Extracted data entries:
'''

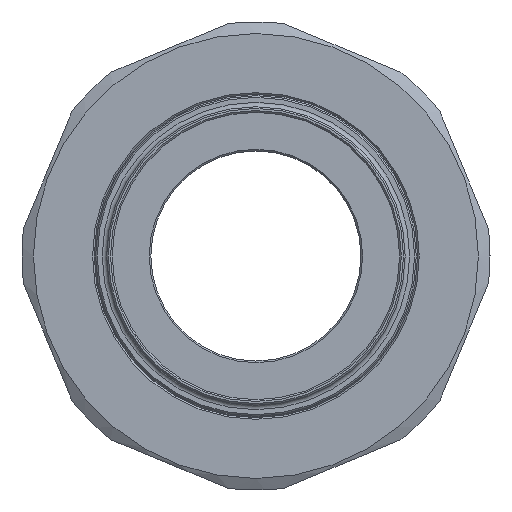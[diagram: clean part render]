
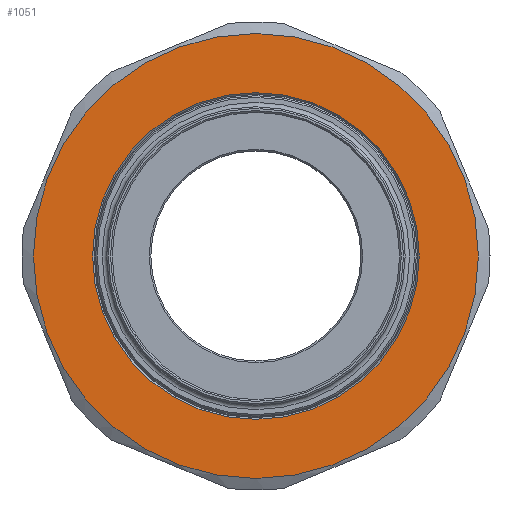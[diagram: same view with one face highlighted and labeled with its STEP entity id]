
A CAD part, left-side view. The second image highlights one B-rep face of the part: STEP entity #1051.
In plain terms, the highlighted planar face has unit normal (-1, 0, 0).
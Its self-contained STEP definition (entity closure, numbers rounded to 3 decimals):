
#36=FACE_BOUND('',#199,.T.);
#95=PLANE('',#1217);
#133=FACE_OUTER_BOUND('',#198,.T.);
#198=EDGE_LOOP('',(#815));
#199=EDGE_LOOP('',(#816));
#371=CIRCLE('',#1197,40.25);
#381=CIRCLE('',#1216,29.55);
#474=VERTEX_POINT('',#1821);
#483=VERTEX_POINT('',#1853);
#596=EDGE_CURVE('',#474,#474,#371,.T.);
#609=EDGE_CURVE('',#483,#483,#381,.T.);
#815=ORIENTED_EDGE('',*,*,#596,.T.);
#816=ORIENTED_EDGE('',*,*,#609,.F.);
#1051=ADVANCED_FACE('',(#133,#36),#95,.T.);
#1197=AXIS2_PLACEMENT_3D('',#1823,#1405,#1406);
#1216=AXIS2_PLACEMENT_3D('',#1854,#1446,#1447);
#1217=AXIS2_PLACEMENT_3D('',#1856,#1449,#1450);
#1405=DIRECTION('center_axis',(-1.,0.,0.));
#1406=DIRECTION('ref_axis',(0.,1.,0.));
#1446=DIRECTION('center_axis',(-1.,0.,0.));
#1447=DIRECTION('ref_axis',(0.,0.,-1.));
#1449=DIRECTION('center_axis',(-1.,0.,0.));
#1450=DIRECTION('ref_axis',(0.,0.,1.));
#1821=CARTESIAN_POINT('',(-25.,-40.25,0.));
#1823=CARTESIAN_POINT('Origin',(-25.,0.,0.));
#1853=CARTESIAN_POINT('',(-25.,0.,29.55));
#1854=CARTESIAN_POINT('Origin',(-25.,0.,0.));
#1856=CARTESIAN_POINT('Origin',(-25.,0.,0.));
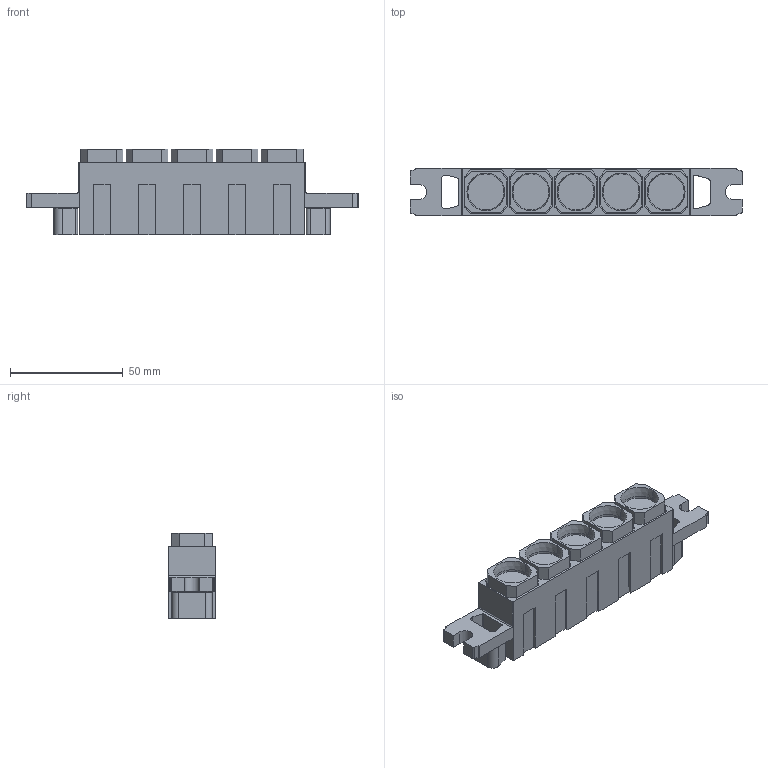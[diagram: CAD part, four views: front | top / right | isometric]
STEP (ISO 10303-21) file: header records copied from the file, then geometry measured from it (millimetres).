
FILE_DESCRIPTION((''),'2;1');
FILE_NAME('C-2212282-1','2016-03-18T',('workeradm'),('Tyco Electronics Ltd.'),'CREO PARAMETRIC BY PTC INC, 2015200','CREO PARAMETRIC BY PTC INC, 2015200','');
FILE_SCHEMA(('AUTOMOTIVE_DESIGN { 1 0 10303 214 1 1 1 1 }'));
Length unit declared in the file: millimetre
Products named in the file (1): C-2212282-1
Bounding box: 147.3 x 21.2 x 38.05 mm (x, y, z)
Volume: 61743.9 mm3; surface area: 24700.2 mm2
Topology: 1 solids, 1 shells, 319 faces, 824 edges, 534 vertices
Faces by surface type: plane 195, cylinder 86, cone 20, torus 18
Entity records: 9722 total; most frequent: DIRECTION 1682, CARTESIAN_POINT 1679, ORIENTED_EDGE 1648, EDGE_CURVE 824, VECTOR 604, LINE 604, AXIS2_PLACEMENT_3D 539, VERTEX_POINT 534
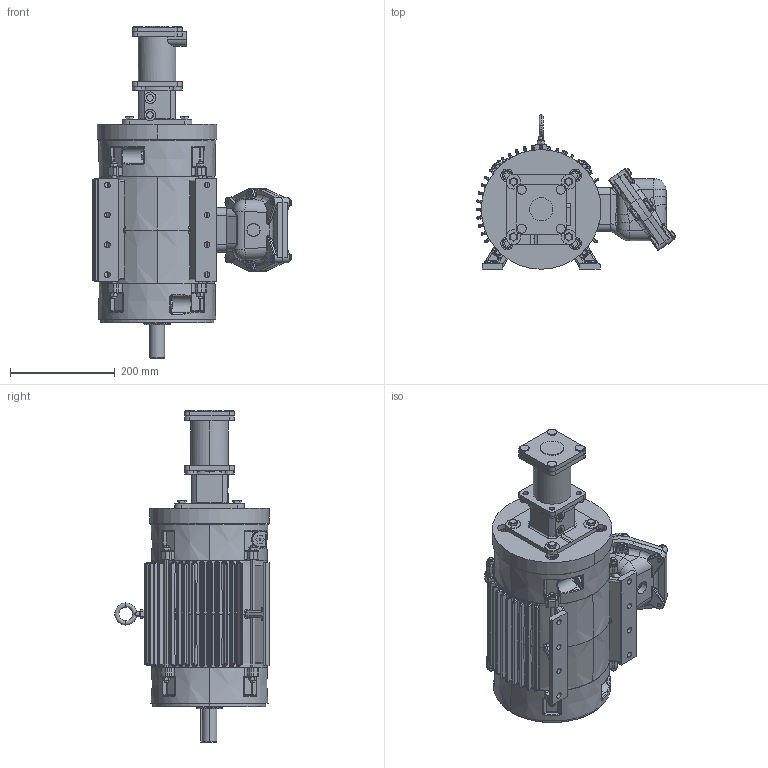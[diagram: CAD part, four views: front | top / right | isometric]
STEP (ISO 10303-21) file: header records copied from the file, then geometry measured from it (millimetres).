
FILE_DESCRIPTION (( 'STEP AP203' ), '1' );
FILE_NAME ('SS69060-800_Rev4.STEP', '2018-09-11T12:11:36', ( '' ), ( '' ), 'SwSTEP 2.0', 'SolidWorks 2015', '' );
FILE_SCHEMA (( 'CONFIG_CONTROL_DESIGN' ));
Products named in the file (1): SS69060-800_Rev4
Bounding box: 381.16 x 295.4 x 634.33 mm (x, y, z)
Volume: 6823117.2 mm3; surface area: 1480623.5 mm2
Topology: 47 solids, 47 shells, 3840 faces, 9127 edges, 5263 vertices
Faces by surface type: cylinder 1082, bspline 1070, plane 929, cone 381, torus 274, sphere 104
Entity records: 151740 total; most frequent: CARTESIAN_POINT 72532, ORIENTED_EDGE 17738, DIRECTION 15037, EDGE_CURVE 8869, AXIS2_PLACEMENT_3D 6172, VERTEX_POINT 5258, EDGE_LOOP 4151, FACE_OUTER_BOUND 3840
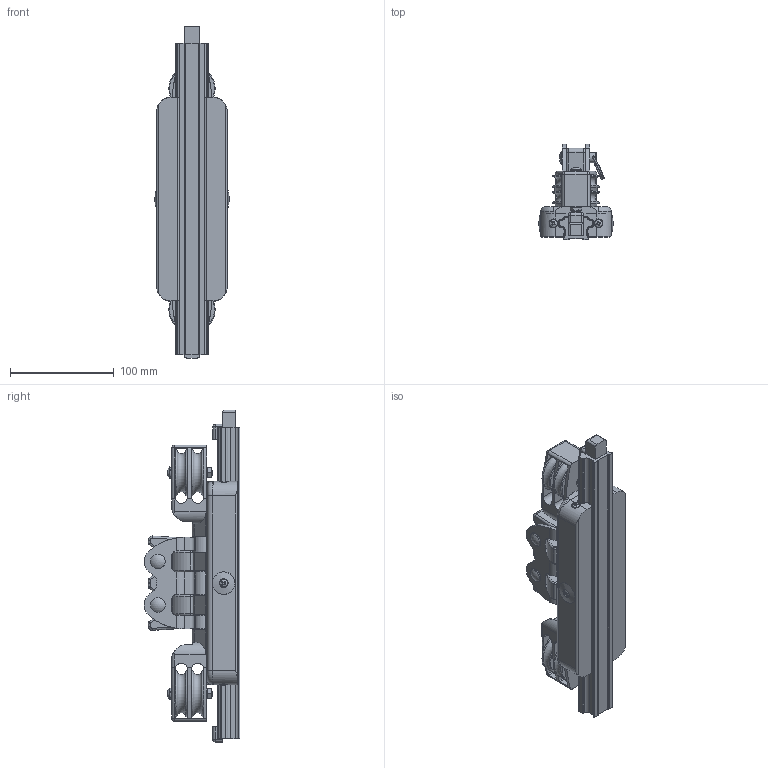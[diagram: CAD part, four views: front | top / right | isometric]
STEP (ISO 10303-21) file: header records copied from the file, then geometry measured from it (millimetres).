
FILE_DESCRIPTION(/* description */ (''),/* implementation_level */ '2;1');
FILE_NAME(/* name */ 'D:\Utenti\lucade\Desktop\4199.stp',/* time_stamp */ '2020-08-17T11:03:12+02:00',/* author */ ('lucade'),/* organization */ (''),/* preprocessor_version */ 'ST-DEVELOPER v18.1',/* originating_system */ 'Autodesk Inventor 2021',/* authorisation */ '');
FILE_SCHEMA (('AUTOMOTIVE_DESIGN { 1 0 10303 214 3 1 1 }'));
Products named in the file (1): 4199
Bounding box: 71.95 x 92.07 x 319.8 mm (x, y, z)
Volume: 702812.5 mm3; surface area: 137799.4 mm2
Topology: 1 solids, 10 shells, 1292 faces, 3583 edges, 2288 vertices
Faces by surface type: plane 503, cylinder 441, torus 146, bspline 130, cone 52, sphere 20
Full cylindrical faces by diameter (mm): 2.5 x2, 3.5 x2, 3.6 x2, 6 x10, 6.2 x8, 6.4 x2, 6.8 x2, 8.2 x1, 8.5 x6, 10 x4, 10.2 x4, 10.5 x12, 11.7 x6, 18.2 x3, 28 x6
Entity records: 50863 total; most frequent: CARTESIAN_POINT 18444, ORIENTED_EDGE 7120, DIRECTION 6658, EDGE_CURVE 3560, AXIS2_PLACEMENT_3D 2622, VERTEX_POINT 2288, LINE 1414, VECTOR 1414

'''

INSTRUCTIONS FOR THE TASK> Write out the lines above, starting at the line that contains "Faces by surface type: plane 503, cylinder" and ending with the final line, and nothing else; copy them exactly.

SOLUTION>
Faces by surface type: plane 503, cylinder 441, torus 146, bspline 130, cone 52, sphere 20
Full cylindrical faces by diameter (mm): 2.5 x2, 3.5 x2, 3.6 x2, 6 x10, 6.2 x8, 6.4 x2, 6.8 x2, 8.2 x1, 8.5 x6, 10 x4, 10.2 x4, 10.5 x12, 11.7 x6, 18.2 x3, 28 x6
Entity records: 50863 total; most frequent: CARTESIAN_POINT 18444, ORIENTED_EDGE 7120, DIRECTION 6658, EDGE_CURVE 3560, AXIS2_PLACEMENT_3D 2622, VERTEX_POINT 2288, LINE 1414, VECTOR 1414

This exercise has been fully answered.